Updated on 2025-06-16 GMT+08:00

Using an Inference Service for Inference

After an inference service is deployed, you can select an existing inference service in the playground for inference or call APIs for inference. For details, see the API document (API reference). The following describes how to use the playground for inference:

Prerequisites

  • You have a valid Huawei Cloud account.
  • You have at least one workspace available.
  • You have created an inference service.

Procedure

  1. Log in to Workspace Management Console.
  2. Select the created workspace and click Access Workspace. In the navigation pane on the left, choose Development and Production > Playgrounds.
  3. Click Playgrounds. The Playgrounds page is displayed.
  4. (Optional) Adjust parameters.

    If you need to adjust some inference parameters, click Advanced Configuration to adjust parameters such as max_tokens. The following lists the parameters.
    Table 1 Inference parameters

    Parameter

    Description

    max_tokens

    The maximum number of tokens to be generated during the chat. The value varies depending on different public inference services. For details, see the introduction to public inference services.

    temperature

    A number used to adjust randomness. The value ranges from 0 to 2. A larger value (for example, 0.8) leads to a more random output, while a smaller value (for example, 0.2) results in a more centralized and deterministic output.

    top_p

    The nucleus sampling strategy, which is used to control the range of tokens the AI model considers based on the cumulative probability.

    frequency_penalty

    The frequency penalty, which is used to control the repetition of words in the text to avoid frequent occurrence of some words or phrases in the generated text.
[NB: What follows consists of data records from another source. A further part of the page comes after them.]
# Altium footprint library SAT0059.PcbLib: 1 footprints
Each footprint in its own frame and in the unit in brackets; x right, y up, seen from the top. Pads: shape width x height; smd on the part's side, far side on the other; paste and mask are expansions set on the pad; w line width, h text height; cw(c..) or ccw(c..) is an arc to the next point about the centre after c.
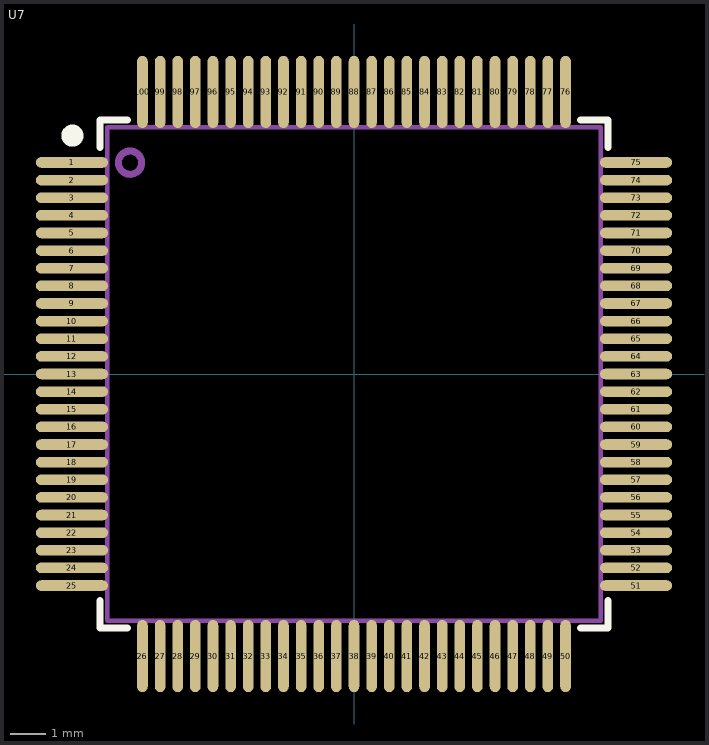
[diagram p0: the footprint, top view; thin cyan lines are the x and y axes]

## U7 [mm] "100-pin QFP"
height 1.6
pads (100):
  oval 2.05x0.3 smd mask+0.025: 1(-8,6) 2(-8,5.5) 3(-8,5) 4(-8,4.5) 5(-8,4) 6(-8,3.5) 7(-8,3) 8(-8,2.5) 9(-8,2) 10(-8,1.5) 11(-8,1) 12(-8,0.5) 13(-8,0) 14(-8,-0.5) 15(-8,-1) 16(-8,-1.5) 17(-8,-2) 18(-8,-2.5) 19(-8,-3) 20(-8,-3.5) 21(-8,-4) 22(-8,-4.5) 23(-8,-5) 24(-8,-5.5) 25(-8,-6) 51(8,-6) 52(8,-5.5) 53(8,-5) 54(8,-4.5) 55(8,-4) 56(8,-3.5) 57(8,-3) 58(8,-2.5) 59(8,-2) 60(8,-1.5) 61(8,-1) 62(8,-0.5) 63(8,0) 64(8,0.5) 65(8,1) 66(8,1.5) 67(8,2) 68(8,2.5) 69(8,3) 70(8,3.5) 71(8,4) 72(8,4.5) 73(8,5) 74(8,5.5) 75(8,6)
  oval 0.3x2.05 smd mask+0.025: 26(-6,-8) 27(-5.5,-8) 28(-5,-8) 29(-4.5,-8) 30(-4,-8) 31(-3.5,-8) 32(-3,-8) 33(-2.5,-8) 34(-2,-8) 35(-1.5,-8) 36(-1,-8) 37(-0.5,-8) 38(0,-8) 39(0.5,-8) 40(1,-8) 41(1.5,-8) 42(2,-8) 43(2.5,-8) 44(3,-8) 45(3.5,-8) 46(4,-8) 47(4.5,-8) 48(5,-8) 49(5.5,-8) 50(6,-8) 76(6,8) 77(5.5,8) 78(5,8) 79(4.5,8) 80(4,8) 81(3.5,8) 82(3,8) 83(2.5,8) 84(2,8) 85(1.5,8) 86(1,8) 87(0.5,8) 88(0,8) 89(-0.5,8) 90(-1,8) 91(-1.5,8) 92(-2,8) 93(-2.5,8) 94(-3,8) 95(-3.5,8) 96(-4,8) 97(-4.5,8) 98(-5,8) 99(-5.5,8) 100(-6,8)
Top Overlay:
  lines w0.2: -7.2,-6.426 -7.2,-7.2 -6.426,-7.2 ; -7.2,6.426 -7.2,7.2 -6.426,7.2 ; 6.426,-7.2 7.2,-7.2 7.2,-6.426 ; 6.426,7.2 7.2,7.2 7.2,6.426
  lines w0.4: -7.875,6.78 ccw(c-7.988,6.761) -7.874,6.756
M5 Assembly Top:
  lines w0.127: -7,-7 -7,7 7,7 7,-7 -7,-7
  lines w0.2: -6.641,5.836 cw(c-6.352,5.994) -6.629,5.817
  text ".Designator" at -2.6,-0.3 h1.02
3D body: height 1.61, standoff -0.01, extent -8,-8 8,8
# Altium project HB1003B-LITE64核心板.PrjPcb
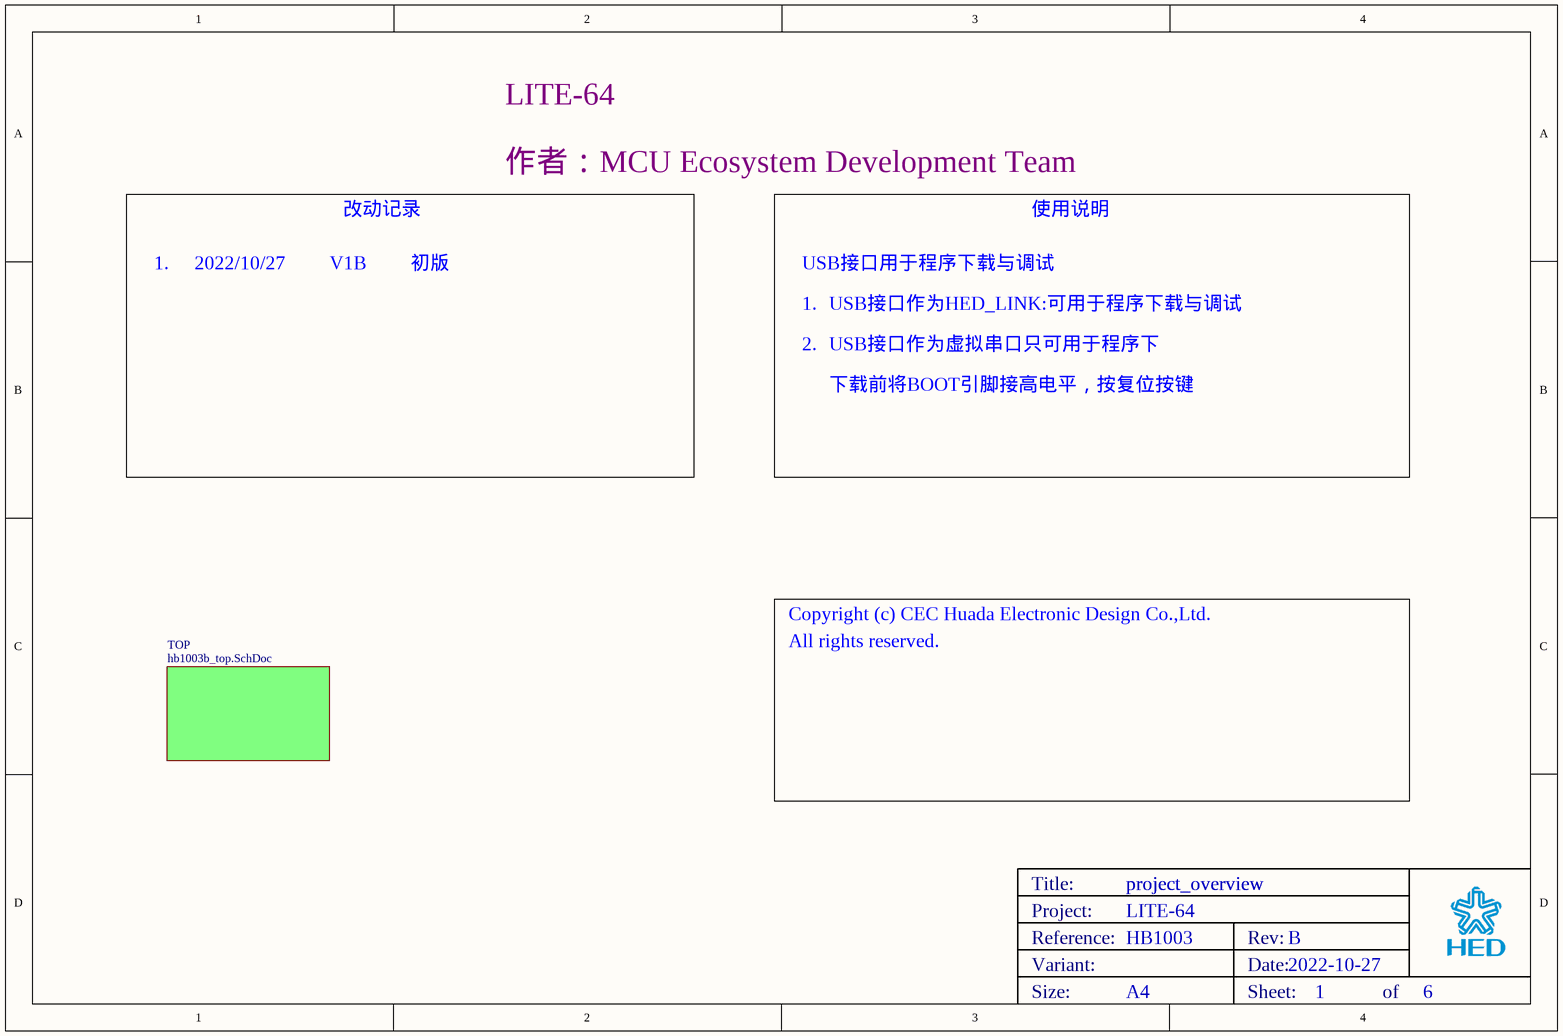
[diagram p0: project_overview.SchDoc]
Board_Assembly_Revision: 01; Board_Name: LITE-64; Board_PCB_Revision: B; Board_Reference: HB1003
6 sheets, 120 parts. Net scope: global (net labels, ports and power ports of the same name join across sheets).
Board file: hb1003b.PcbDoc
Sheets:
  project_overview.SchDoc
    TOP = hb1003b_top.SchDoc
      hed_link = hed_link.SchDoc
      arduino_extension_interfaces = arduino_extension_interfaces.SchDoc
      MCU = mcu.SchDoc
      power = power.SchDoc

## Sheet project_overview.SchDoc: project_overview
size A4; Date: 2022-10-27; DrawnBy: liuchao; SheetNumber: 1; SheetTotal: 6

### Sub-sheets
TOP = hb1003b_top.SchDoc: no entries

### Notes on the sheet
- 作者：MCU Ecosystem Development Team
- 改动记录
- 使用说明
- 1.
- 2022/10/27
- V1B
- 初版
- USB接口用于程序下载与调试
- USB接口作为HED_LINK:可用于程序下载与调试
- 2.
- USB接口作为虚拟串口只可用于程序下
- 下载前将BOOT引脚接高电平，按复位按键
- Copyright (c) CEC Huada Electronic Design Co.,Ltd.
- All rights reserved.

## Sheet hb1003b_top.SchDoc: top
size A4; Date: 2022-10-27; DrawnBy: liuchao; SheetNumber: 2; SheetTotal: 6
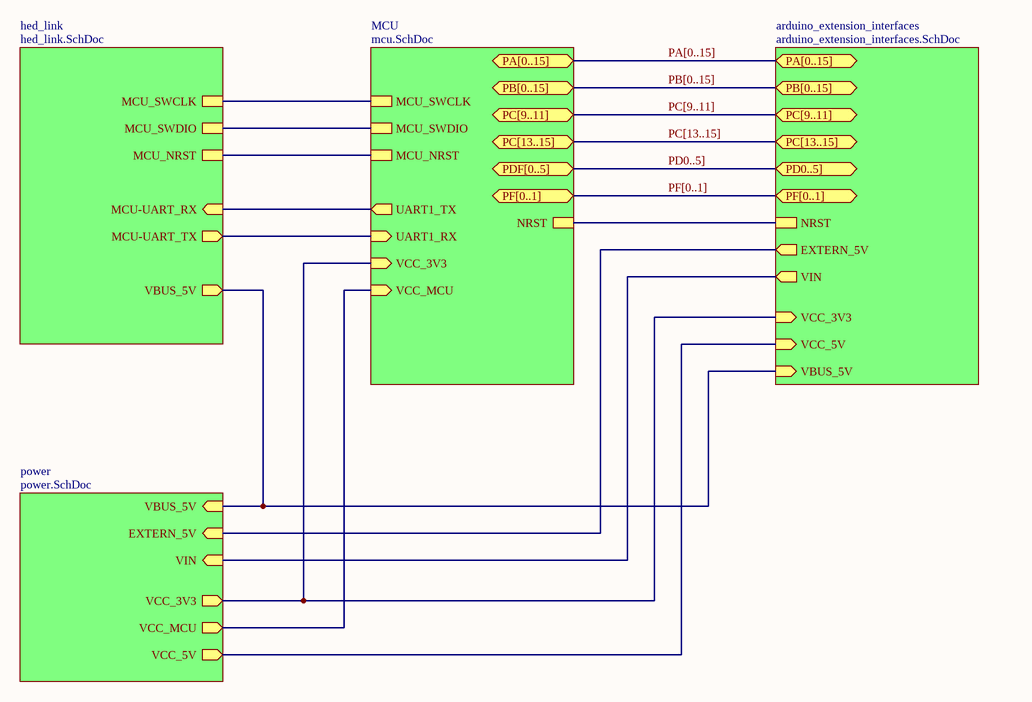
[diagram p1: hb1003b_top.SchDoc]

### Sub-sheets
arduino_extension_interfaces = arduino_extension_interfaces.SchDoc: NRST, VBUS_5V (in), EXTERN_5V (out), VIN (out), VCC_3V3 (in), VCC_5V (in)
hed_link = hed_link.SchDoc: MCU_SWDIO, MCU_SWCLK, MCU_NRST, MCU-UART_RX (in), MCU-UART_TX (out), VBUS_5V (out)
MCU = mcu.SchDoc: UART1_RX (in), UART1_TX (out), MCU_SWCLK, MCU_SWDIO, MCU_NRST, VCC_3V3 (in), VCC_MCU (in), NRST
power = power.SchDoc: VCC_MCU (out), VBUS_5V (in), EXTERN_5V (in), VIN (in), VCC_3V3 (out), VCC_5V (out)

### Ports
PA[0..15], PB[0..15], PC[9..11], PC[13..15], PD0..5], PDF[0..5], PF[0..1]

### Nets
(unnamed): sheet hed_link/MCU_SWDIO, sheet MCU/MCU_SWDIO
(unnamed): sheet hed_link/MCU_SWCLK, sheet MCU/MCU_SWCLK  [a separate net that carries the same name]
(unnamed): sheet hed_link/MCU_NRST, sheet MCU/MCU_NRST  [a separate net that carries the same name]
(unnamed): sheet hed_link/MCU-UART_RX, sheet MCU/UART1_TX  [a separate net that carries the same name]
(unnamed): sheet hed_link/MCU-UART_TX, sheet MCU/UART1_RX  [a separate net that carries the same name]
(unnamed): sheet hed_link/VBUS_5V, sheet arduino_extension_interfaces/VBUS_5V, sheet power/VBUS_5V  [a separate net that carries the same name]
(unnamed): sheet arduino_extension_interfaces/NRST, sheet MCU/NRST  [a separate net that carries the same name]
(unnamed): sheet arduino_extension_interfaces/EXTERN_5V, sheet power/EXTERN_5V  [a separate net that carries the same name]
(unnamed): sheet arduino_extension_interfaces/VIN, sheet power/VIN  [a separate net that carries the same name]
(unnamed): sheet arduino_extension_interfaces/VCC_3V3, sheet MCU/VCC_3V3, sheet power/VCC_3V3  [a separate net that carries the same name]
(unnamed): sheet arduino_extension_interfaces/VCC_5V, sheet power/VCC_5V  [a separate net that carries the same name]
(unnamed): sheet MCU/VCC_MCU, sheet power/VCC_MCU  [a separate net that carries the same name]

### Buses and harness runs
bus PA[0..15] = port PA[0..15]
bus PB[0..15] = port PB[0..15]
bus PC[9..11] = port PC[9..11]
bus PC[13..15] = port PC[13..15]
bus PD0..5] = port PD0..5] = port PDF[0..5]
bus PF[0..1] = port PF[0..1]

## Sheet hed_link.SchDoc: HED_Link
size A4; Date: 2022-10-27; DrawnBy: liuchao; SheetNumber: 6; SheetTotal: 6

The value ranges from –2.0 to 2.0. Positive values penalize new tokens based on how often they have appeared in the existing text, reducing the likelihood that the model repeats the same line verbatim.

    presence_penalty

    The presence penalty, which is used to control the repetition of topics in the text, avoiding repeated discussions of the same topic or viewpoint in the dialogue or text. The value ranges from –2.0 to 2.0. Positive values penalize new tokens based on whether they have appeared in the text so far, increasing the model's likelihood of talking about new topics.

  5. (Optional) Compare multiple inferences.

    You can click Compare in the upper right corner to compare multiple inference services. A maximum of three inference services can be compared.